Directions for this task - Restate the data below word for word, and let no image into your version.

Provided records -
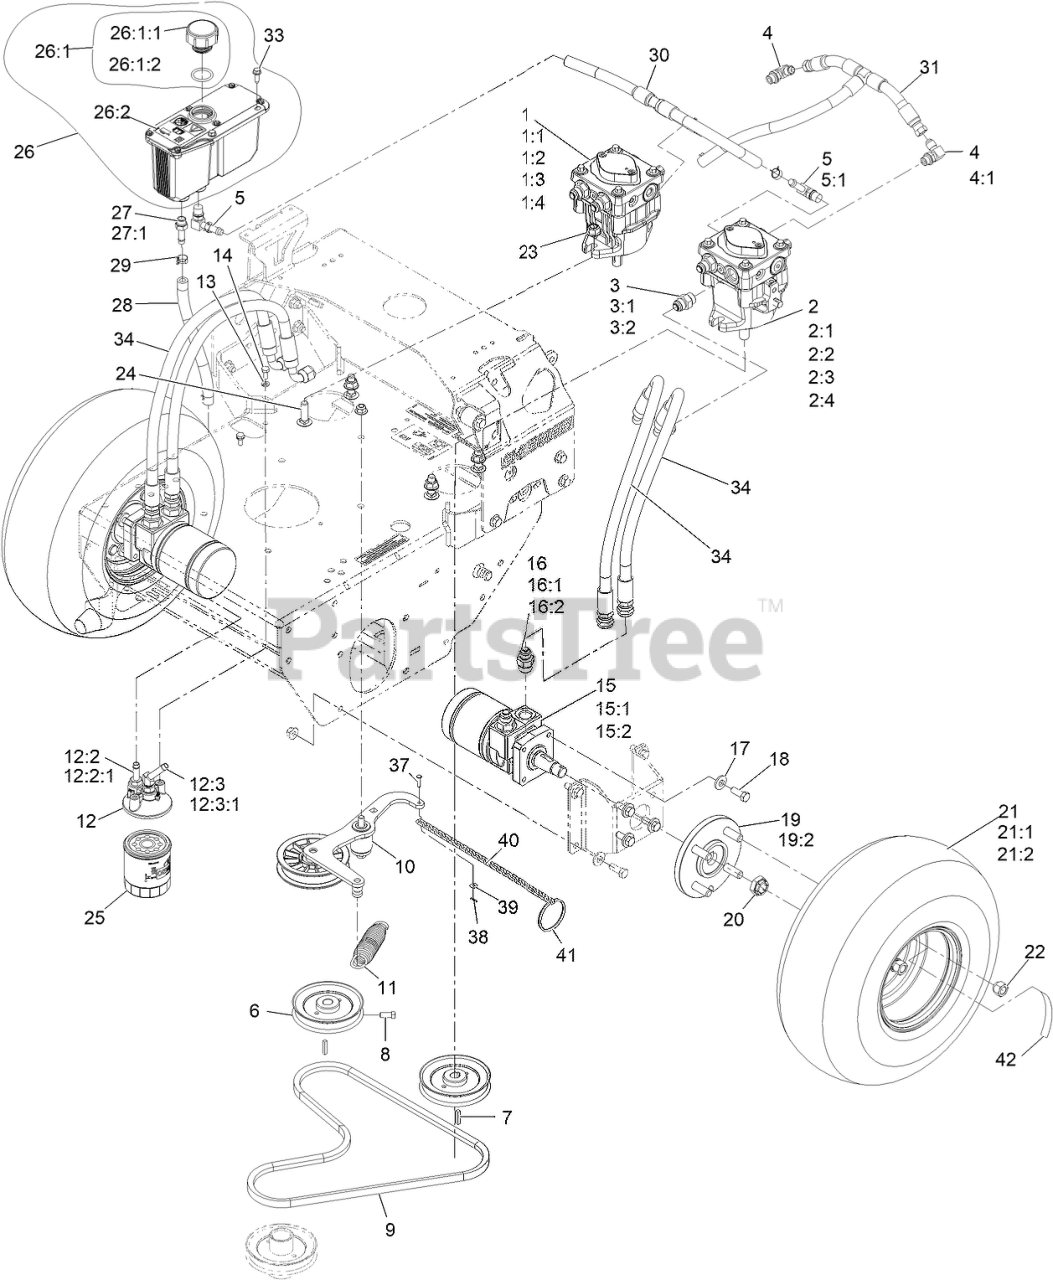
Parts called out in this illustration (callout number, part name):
1	RH HYD PUMP ASM
1:1	INPUT SHAFT KIT
1:2	BEARING-THRUST
1:3	CYLINDER BLOCK KIT
1:4	SEAL OVERHAUL KIT
2	LH HYD PUMP ASM
2:1	INPUT SHAFT KIT
2:2	BEARING-THRUST
2:3	CYLINDER BLOCK KIT
2:4	SEAL OVERHAUL KIT
3	FITTING-STRAIGHT
4	FITTING-ELBOW, 90 DEG
4:1	O-RING
5	FITTING-ELBOW, 90
5:1	O-RING
6	SHEAVE ASM
8	SCREW-SET, SQH
9	BELT
10	ASM, PUMP IDLER
11	SPRING-EXTENSION
12	ASM, FILTER HEAD
12:2	ADAPTER-STRAIGHT
12:2:1	O-RING
12:3	FITTING-BARBED, 45 DEG
12:3:1	O-RING
13	WASHER-LOCK
14	SCREW-HH
15	HYD MOTOR ASM
15:1	SEAL KIT
15:2	BEARING AND SEAL KIT
16	FITTING-STRAIGHT
16:1	O-RING
17	WASHER-BELLEVILLE
18	SCREW-HH
19	WHEEL HUB ASM
19:2	STUD-WHEEL
20	NUT-LOCK
21	WHEEL AND TIRE ASM
21:1	TIRE-TURFMASTER
21:2	RIM-WHEEL
22	NUT-LUG
23	NUT-HF, NI
24	BOLT-CARR
25	FILTER-25 MICRON, BI-DIRECTIONAL
26:1	Reservoir-HYD
26:1:1	Cap-Reservoir, HYD
26:2	DECAL-WARNING
27	ADAPTER-STRAIGHT
27:1	O-RING
28	HOSE-CHARGE
29	CLAMP-HOSE
30	HOSE-CASE DRAIN
31	HOSE-CHARGE
33	SCREW-HWH, THREAD ROLL
34	HYD HOSE ASM
37	PIN-CLEVIS
38	PIN-HAIR
39	WASHER-PLAIN
40	CHAIN-LINK, TWIST
41	RING-SPLIT
42	DECAL-TORQUE WHEEL LUG-HU

Solution for this task -
Parts called out in this illustration (callout number, part name):
1	RH HYD PUMP ASM
1:1	INPUT SHAFT KIT
1:2	BEARING-THRUST
1:3	CYLINDER BLOCK KIT
1:4	SEAL OVERHAUL KIT
2	LH HYD PUMP ASM
2:1	INPUT SHAFT KIT
2:2	BEARING-THRUST
2:3	CYLINDER BLOCK KIT
2:4	SEAL OVERHAUL KIT
3	FITTING-STRAIGHT
4	FITTING-ELBOW, 90 DEG
4:1	O-RING
5	FITTING-ELBOW, 90
5:1	O-RING
6	SHEAVE ASM
8	SCREW-SET, SQH
9	BELT
10	ASM, PUMP IDLER
11	SPRING-EXTENSION
12	ASM, FILTER HEAD
12:2	ADAPTER-STRAIGHT
12:2:1	O-RING
12:3	FITTING-BARBED, 45 DEG
12:3:1	O-RING
13	WASHER-LOCK
14	SCREW-HH
15	HYD MOTOR ASM
15:1	SEAL KIT
15:2	BEARING AND SEAL KIT
16	FITTING-STRAIGHT
16:1	O-RING
17	WASHER-BELLEVILLE
18	SCREW-HH
19	WHEEL HUB ASM
19:2	STUD-WHEEL
20	NUT-LOCK
21	WHEEL AND TIRE ASM
21:1	TIRE-TURFMASTER
21:2	RIM-WHEEL
22	NUT-LUG
23	NUT-HF, NI
24	BOLT-CARR
25	FILTER-25 MICRON, BI-DIRECTIONAL
26:1	Reservoir-HYD
26:1:1	Cap-Reservoir, HYD
26:2	DECAL-WARNING
27	ADAPTER-STRAIGHT
27:1	O-RING
28	HOSE-CHARGE
29	CLAMP-HOSE
30	HOSE-CASE DRAIN
31	HOSE-CHARGE
33	SCREW-HWH, THREAD ROLL
34	HYD HOSE ASM
37	PIN-CLEVIS
38	PIN-HAIR
39	WASHER-PLAIN
40	CHAIN-LINK, TWIST
41	RING-SPLIT
42	DECAL-TORQUE WHEEL LUG-HU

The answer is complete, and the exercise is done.